┌─ RECORDS FOR THIS TASK

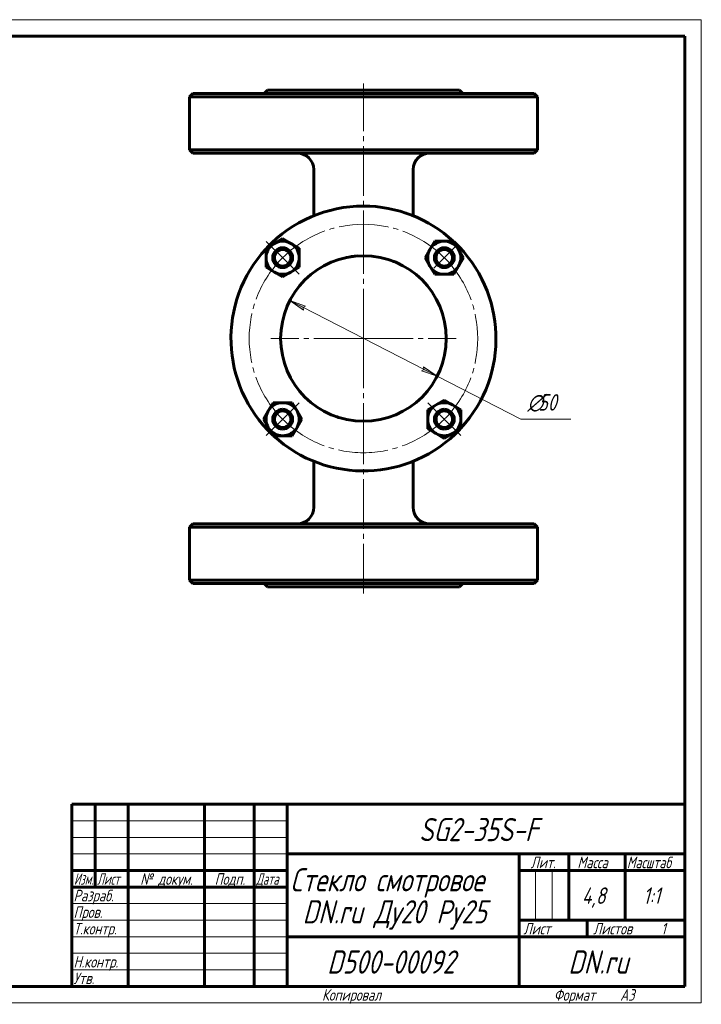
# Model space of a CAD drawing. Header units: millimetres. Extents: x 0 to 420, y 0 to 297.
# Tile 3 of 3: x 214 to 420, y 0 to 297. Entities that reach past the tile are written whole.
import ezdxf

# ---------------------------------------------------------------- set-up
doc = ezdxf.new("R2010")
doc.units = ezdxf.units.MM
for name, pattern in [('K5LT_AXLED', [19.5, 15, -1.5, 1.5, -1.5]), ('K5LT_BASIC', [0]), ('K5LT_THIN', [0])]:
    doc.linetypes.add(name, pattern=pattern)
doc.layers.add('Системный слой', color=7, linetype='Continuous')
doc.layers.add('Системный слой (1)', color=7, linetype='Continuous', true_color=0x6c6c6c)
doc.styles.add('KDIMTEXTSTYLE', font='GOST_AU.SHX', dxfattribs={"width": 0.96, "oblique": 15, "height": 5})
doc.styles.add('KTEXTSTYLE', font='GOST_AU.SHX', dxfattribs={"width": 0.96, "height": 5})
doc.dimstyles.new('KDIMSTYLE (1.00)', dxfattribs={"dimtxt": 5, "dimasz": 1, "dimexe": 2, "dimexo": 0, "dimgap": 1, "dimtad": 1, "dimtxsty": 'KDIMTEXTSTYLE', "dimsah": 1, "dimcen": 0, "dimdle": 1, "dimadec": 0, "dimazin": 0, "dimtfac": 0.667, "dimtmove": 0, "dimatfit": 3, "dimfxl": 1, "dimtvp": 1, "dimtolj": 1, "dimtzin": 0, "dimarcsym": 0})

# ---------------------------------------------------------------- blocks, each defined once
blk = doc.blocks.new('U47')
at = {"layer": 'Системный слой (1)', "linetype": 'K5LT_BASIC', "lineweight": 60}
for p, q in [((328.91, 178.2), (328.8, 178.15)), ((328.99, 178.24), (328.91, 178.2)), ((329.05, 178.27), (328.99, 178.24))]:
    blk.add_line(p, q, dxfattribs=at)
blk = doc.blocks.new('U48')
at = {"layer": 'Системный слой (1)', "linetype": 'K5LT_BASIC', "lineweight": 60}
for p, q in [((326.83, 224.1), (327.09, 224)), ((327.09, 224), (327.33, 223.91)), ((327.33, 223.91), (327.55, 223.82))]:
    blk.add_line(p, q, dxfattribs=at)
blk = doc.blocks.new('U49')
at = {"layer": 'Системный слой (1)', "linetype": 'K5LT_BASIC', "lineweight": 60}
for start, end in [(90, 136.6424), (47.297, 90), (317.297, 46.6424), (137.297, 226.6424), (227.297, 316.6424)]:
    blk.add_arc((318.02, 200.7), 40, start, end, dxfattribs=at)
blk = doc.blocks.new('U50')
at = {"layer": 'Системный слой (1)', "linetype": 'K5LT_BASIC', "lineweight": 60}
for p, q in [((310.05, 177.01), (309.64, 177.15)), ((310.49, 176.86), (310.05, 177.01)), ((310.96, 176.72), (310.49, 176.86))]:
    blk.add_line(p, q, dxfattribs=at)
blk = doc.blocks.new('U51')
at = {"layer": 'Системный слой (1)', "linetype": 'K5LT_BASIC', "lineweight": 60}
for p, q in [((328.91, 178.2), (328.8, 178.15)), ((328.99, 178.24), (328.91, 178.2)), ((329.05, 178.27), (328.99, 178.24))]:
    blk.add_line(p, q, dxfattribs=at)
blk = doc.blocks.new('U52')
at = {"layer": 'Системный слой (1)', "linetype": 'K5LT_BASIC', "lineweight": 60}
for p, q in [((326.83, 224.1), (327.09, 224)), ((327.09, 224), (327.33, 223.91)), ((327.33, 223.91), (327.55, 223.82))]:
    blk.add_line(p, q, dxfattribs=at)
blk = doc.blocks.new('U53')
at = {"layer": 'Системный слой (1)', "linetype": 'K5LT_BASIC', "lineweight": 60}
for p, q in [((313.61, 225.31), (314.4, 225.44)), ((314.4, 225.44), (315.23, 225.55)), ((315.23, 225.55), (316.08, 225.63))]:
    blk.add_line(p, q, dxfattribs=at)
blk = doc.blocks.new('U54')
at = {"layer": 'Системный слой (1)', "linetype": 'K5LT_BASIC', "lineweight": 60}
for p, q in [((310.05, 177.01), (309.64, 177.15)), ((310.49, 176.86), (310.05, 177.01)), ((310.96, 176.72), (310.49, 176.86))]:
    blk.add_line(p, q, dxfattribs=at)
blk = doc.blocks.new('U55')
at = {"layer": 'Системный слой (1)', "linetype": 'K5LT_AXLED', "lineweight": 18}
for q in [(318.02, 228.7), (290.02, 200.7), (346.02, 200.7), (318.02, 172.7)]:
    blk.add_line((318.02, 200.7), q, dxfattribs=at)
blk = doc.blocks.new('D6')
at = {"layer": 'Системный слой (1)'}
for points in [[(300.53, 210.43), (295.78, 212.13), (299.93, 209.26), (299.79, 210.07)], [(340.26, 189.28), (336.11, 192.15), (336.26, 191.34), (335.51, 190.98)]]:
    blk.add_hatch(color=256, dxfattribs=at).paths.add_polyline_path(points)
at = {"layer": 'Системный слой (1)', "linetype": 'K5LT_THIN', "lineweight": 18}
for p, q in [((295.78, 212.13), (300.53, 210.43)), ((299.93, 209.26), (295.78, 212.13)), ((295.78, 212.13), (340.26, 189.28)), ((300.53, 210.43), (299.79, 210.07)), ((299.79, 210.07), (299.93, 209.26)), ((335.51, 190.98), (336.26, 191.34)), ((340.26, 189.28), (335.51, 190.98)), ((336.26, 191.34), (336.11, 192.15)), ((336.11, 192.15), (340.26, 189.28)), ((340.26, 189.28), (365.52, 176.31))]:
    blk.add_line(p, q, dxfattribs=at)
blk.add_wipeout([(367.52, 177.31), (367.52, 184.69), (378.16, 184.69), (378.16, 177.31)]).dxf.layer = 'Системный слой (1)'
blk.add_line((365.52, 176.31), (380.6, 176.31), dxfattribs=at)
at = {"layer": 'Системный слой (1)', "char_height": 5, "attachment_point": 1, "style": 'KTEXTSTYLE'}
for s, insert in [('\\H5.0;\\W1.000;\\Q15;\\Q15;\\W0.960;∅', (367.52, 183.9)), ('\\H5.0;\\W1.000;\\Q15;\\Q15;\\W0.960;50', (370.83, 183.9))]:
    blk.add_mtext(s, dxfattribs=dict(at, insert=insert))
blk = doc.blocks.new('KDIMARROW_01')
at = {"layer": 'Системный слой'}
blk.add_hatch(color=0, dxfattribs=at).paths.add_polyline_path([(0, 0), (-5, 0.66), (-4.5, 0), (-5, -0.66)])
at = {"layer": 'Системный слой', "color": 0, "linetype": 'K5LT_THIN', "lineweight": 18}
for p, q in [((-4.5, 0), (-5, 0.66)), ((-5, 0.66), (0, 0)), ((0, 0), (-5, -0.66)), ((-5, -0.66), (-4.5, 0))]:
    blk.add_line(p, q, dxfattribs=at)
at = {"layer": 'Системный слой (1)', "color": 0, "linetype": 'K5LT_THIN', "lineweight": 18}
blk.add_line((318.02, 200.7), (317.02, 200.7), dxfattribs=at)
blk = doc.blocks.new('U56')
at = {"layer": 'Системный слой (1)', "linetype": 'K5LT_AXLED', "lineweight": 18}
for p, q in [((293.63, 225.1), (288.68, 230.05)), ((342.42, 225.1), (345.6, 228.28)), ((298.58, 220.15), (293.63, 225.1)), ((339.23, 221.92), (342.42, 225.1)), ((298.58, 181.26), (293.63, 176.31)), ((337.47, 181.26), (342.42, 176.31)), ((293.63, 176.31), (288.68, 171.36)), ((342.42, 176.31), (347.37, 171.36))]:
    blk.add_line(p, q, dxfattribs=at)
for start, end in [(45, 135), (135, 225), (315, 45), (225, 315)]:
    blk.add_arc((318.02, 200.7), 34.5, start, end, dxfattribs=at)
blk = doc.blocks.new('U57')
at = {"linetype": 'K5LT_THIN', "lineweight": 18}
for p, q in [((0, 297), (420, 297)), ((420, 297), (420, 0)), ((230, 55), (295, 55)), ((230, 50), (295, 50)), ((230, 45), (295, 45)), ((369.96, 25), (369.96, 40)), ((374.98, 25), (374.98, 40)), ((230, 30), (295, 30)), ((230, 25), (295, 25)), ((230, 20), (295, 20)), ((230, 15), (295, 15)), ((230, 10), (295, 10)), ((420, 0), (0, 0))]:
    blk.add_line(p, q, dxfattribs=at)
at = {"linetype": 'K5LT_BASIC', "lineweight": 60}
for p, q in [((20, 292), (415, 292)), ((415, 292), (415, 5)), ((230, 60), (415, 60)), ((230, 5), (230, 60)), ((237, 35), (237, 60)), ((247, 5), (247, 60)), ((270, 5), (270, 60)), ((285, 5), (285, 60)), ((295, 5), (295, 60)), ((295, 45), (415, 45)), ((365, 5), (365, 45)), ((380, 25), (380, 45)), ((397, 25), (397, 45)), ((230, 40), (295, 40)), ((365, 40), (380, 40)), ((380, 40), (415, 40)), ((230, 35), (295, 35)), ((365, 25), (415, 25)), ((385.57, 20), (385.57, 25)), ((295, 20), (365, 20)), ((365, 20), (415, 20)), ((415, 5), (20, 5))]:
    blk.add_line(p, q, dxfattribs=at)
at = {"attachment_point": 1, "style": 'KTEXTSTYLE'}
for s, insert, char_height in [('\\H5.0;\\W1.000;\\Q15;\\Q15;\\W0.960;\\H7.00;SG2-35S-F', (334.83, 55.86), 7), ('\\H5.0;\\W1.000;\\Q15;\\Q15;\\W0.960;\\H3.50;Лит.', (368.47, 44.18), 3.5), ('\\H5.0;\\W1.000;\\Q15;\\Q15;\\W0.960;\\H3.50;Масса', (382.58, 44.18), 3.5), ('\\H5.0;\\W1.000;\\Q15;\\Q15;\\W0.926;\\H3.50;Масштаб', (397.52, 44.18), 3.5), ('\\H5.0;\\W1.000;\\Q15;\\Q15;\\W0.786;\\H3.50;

└─

▸ **TASK INSTRUCTIONS**
Write out every line of the entries that holds the word "start".

▸ **EXERCISE RESPONSE**
for start, end in [(90, 136.6424), (47.297, 90), (317.297, 46.6424), (137.297, 226.6424), (227.297, 316.6424)]:
    blk.add_arc((318.02, 200.7), 40, start, end, dxfattribs=at)
for start, end in [(45, 135), (135, 225), (315, 45), (225, 315)]:
    blk.add_arc((318.02, 200.7), 34.5, start, end, dxfattribs=at)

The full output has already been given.